# Yarn Ware house



## lynnie2 (Dec 13, 2011)

Has anyone ever been or know of any yarn ware house that I could go visit ? Been to fabric ware house , I live in Chicago area but willing to travel if need be.


----------



## pattibe (Feb 2, 2012)

There is one in Anaheim, but that may be just a tad too far? Sorry....I just couldn't resist.


----------



## Elsbeth19 (Dec 8, 2014)

Also Webs has a large ware house Massachusetts.


----------



## louisevl (Jan 2, 2013)

North of you in Stevens Point, Wisconsin is Herrschners.


----------



## Jessica-Jean (Mar 14, 2011)

Beware of visiting yarn warehouses! I have visited two - Patternworks (before they moved north from New York State) and Mary Maxim in Port Huron, Ontario. I had thought I would buy lots of yarn, but I found the choices totally overwhelming! I bought a few small notions at Patternworks, and nothing at all at Mary Maxim!


----------



## Moe C (Jul 31, 2011)

JJ, it might be hard to convince someone that shopping at a warehouse where the choice of yarn is overwhelming, is a bad thing. :sm09:


----------



## Dsynr (Jun 3, 2011)

I would have to stay away from a yarn warehouse. We still have a mortgage.


----------



## mmccamant (Jul 17, 2011)

The closest thing I know of in Chicago is the annual (some time in the fall) mill ends sale at Lorna's Laces factory. Good discounts on yarn that they won't sell at usual prices because of dyeing mistakes, short yardage, etc. Still not cheap, but better prices than LL retail, which can be pricey. I think I've found out about the dates by checking the Lorna's Laces Facebook page. It's often been the same weekend as the Ravenswood Art Walk in the same neighborhood. Ownership of Lorna's Laces just changed, and I have no idea what else might change.


----------



## verwin (Jan 30, 2015)

Here's an ad I see on Craig's list that's up in Michigan. I'm in Indianapolis and would LOVE to drive up there. Let me know what you think if you check it out!!
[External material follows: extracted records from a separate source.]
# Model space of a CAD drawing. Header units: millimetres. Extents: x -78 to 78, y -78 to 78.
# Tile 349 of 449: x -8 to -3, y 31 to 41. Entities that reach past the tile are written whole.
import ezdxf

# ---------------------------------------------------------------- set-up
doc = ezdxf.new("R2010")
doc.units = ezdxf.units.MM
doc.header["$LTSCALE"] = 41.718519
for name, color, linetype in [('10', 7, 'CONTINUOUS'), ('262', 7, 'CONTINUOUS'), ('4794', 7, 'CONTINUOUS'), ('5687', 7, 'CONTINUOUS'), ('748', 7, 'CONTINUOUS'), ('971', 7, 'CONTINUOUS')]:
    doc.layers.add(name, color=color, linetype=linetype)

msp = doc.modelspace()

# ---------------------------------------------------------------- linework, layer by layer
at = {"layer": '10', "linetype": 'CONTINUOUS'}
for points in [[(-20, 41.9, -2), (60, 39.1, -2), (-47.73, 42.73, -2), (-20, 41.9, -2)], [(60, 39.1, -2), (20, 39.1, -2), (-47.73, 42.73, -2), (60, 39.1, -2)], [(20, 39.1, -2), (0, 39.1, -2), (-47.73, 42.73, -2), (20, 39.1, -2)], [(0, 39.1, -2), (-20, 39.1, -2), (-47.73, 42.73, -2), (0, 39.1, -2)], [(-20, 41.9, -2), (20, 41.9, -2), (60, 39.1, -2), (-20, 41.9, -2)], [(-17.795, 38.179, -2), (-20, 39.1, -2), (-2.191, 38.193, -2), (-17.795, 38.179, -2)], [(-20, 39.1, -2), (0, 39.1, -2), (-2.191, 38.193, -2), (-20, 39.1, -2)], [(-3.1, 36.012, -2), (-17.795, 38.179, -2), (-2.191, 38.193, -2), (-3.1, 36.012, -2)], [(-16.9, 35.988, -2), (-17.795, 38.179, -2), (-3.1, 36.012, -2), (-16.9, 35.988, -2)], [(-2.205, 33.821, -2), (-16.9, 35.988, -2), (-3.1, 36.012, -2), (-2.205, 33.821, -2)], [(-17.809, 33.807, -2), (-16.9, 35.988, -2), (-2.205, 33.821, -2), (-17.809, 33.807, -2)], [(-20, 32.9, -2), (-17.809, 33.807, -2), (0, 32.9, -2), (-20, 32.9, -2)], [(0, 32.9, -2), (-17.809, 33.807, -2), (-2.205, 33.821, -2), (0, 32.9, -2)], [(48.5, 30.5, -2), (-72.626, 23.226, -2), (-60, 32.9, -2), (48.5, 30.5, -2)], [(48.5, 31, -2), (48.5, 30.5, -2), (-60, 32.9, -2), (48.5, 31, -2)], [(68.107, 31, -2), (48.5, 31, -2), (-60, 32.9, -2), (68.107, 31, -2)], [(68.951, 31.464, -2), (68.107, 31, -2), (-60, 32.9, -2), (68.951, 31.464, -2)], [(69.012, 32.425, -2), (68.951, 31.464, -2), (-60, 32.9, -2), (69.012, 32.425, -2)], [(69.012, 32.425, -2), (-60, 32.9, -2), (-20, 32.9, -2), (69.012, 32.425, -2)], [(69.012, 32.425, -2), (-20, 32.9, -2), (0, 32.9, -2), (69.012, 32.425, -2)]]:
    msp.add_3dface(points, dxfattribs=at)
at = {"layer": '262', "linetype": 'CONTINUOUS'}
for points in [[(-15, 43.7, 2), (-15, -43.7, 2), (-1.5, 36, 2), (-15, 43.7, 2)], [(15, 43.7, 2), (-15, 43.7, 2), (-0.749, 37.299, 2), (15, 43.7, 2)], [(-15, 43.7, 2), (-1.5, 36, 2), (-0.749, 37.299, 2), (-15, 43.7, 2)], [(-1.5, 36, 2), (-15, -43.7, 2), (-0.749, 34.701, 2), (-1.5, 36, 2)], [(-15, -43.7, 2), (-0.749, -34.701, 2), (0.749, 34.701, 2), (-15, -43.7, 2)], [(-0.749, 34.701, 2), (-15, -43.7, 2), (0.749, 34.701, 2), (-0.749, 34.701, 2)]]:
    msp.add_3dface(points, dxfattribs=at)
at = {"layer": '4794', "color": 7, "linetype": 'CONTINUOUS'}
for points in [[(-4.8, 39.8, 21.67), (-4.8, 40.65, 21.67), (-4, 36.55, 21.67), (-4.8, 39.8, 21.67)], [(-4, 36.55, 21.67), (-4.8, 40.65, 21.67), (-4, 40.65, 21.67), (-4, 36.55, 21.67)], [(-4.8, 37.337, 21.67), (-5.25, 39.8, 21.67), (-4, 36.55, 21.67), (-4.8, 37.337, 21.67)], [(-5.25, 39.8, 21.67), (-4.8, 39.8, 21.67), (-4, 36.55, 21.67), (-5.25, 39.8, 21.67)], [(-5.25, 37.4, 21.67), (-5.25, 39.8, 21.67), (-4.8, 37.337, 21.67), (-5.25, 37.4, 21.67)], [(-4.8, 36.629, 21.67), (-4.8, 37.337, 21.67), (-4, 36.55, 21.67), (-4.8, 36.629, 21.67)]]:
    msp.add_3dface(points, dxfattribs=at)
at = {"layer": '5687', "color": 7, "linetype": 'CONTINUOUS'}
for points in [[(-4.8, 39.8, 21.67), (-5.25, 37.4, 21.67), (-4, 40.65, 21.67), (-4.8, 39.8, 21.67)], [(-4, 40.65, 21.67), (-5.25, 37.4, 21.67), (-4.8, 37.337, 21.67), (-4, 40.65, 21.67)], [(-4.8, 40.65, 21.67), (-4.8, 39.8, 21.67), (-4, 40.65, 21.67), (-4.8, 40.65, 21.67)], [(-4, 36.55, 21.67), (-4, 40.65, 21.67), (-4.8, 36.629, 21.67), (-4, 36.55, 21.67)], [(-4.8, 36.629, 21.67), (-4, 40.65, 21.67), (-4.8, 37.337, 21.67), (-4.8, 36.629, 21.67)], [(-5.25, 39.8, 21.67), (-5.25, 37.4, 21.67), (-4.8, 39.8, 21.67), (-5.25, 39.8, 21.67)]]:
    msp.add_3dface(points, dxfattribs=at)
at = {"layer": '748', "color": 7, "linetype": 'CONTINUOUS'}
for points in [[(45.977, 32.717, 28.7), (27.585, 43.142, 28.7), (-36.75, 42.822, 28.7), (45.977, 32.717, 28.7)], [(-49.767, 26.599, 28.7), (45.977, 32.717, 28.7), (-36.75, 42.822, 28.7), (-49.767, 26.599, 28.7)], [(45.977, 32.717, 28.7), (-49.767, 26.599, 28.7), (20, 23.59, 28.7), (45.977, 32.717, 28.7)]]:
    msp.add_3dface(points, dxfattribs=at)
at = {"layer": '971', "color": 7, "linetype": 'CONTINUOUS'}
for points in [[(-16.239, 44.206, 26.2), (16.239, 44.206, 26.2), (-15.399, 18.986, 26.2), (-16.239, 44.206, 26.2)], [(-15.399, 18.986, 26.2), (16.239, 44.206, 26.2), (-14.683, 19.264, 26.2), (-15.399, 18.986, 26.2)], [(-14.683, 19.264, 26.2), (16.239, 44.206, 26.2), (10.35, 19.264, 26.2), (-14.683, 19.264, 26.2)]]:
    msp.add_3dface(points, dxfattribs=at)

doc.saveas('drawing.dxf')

https://annarbor.craigslist.org/art/d/yarn-mega-load-of-yarn/6168539455.html


----------



## 5Pat (Aug 29, 2011)

Stitches Midwest is in the Renaissance Schaumburg Convention Center this weekend. The market has vendor all over the US and Web, Yarn Barn are two of my must go to. Friday and Saturday 10-6 and Sunday 10-4. Parking is free but there a change to go to the market.


----------



## SAMkewel (Mar 5, 2011)

Moe C said:


> JJ, it might be hard to convince someone that shopping at a warehouse where the choice of yarn is overwhelming, is a bad thing. :sm09:


;~D!


----------



## maggiex4 (Feb 25, 2017)

Hi pattibe, I live in Santa Ana, you mention that's a yarn warehouse in Anaheim?by any chance you know the name? Thank you!


----------



## Knitnutty (Feb 9, 2011)

pattibe said:


> There is one in Anaheim, but that may be just a tad too far? Sorry....I just couldn't resist.


Where in Anaheim??? I live in Ontario, Calif, and I would love to go there if it's worth it.


----------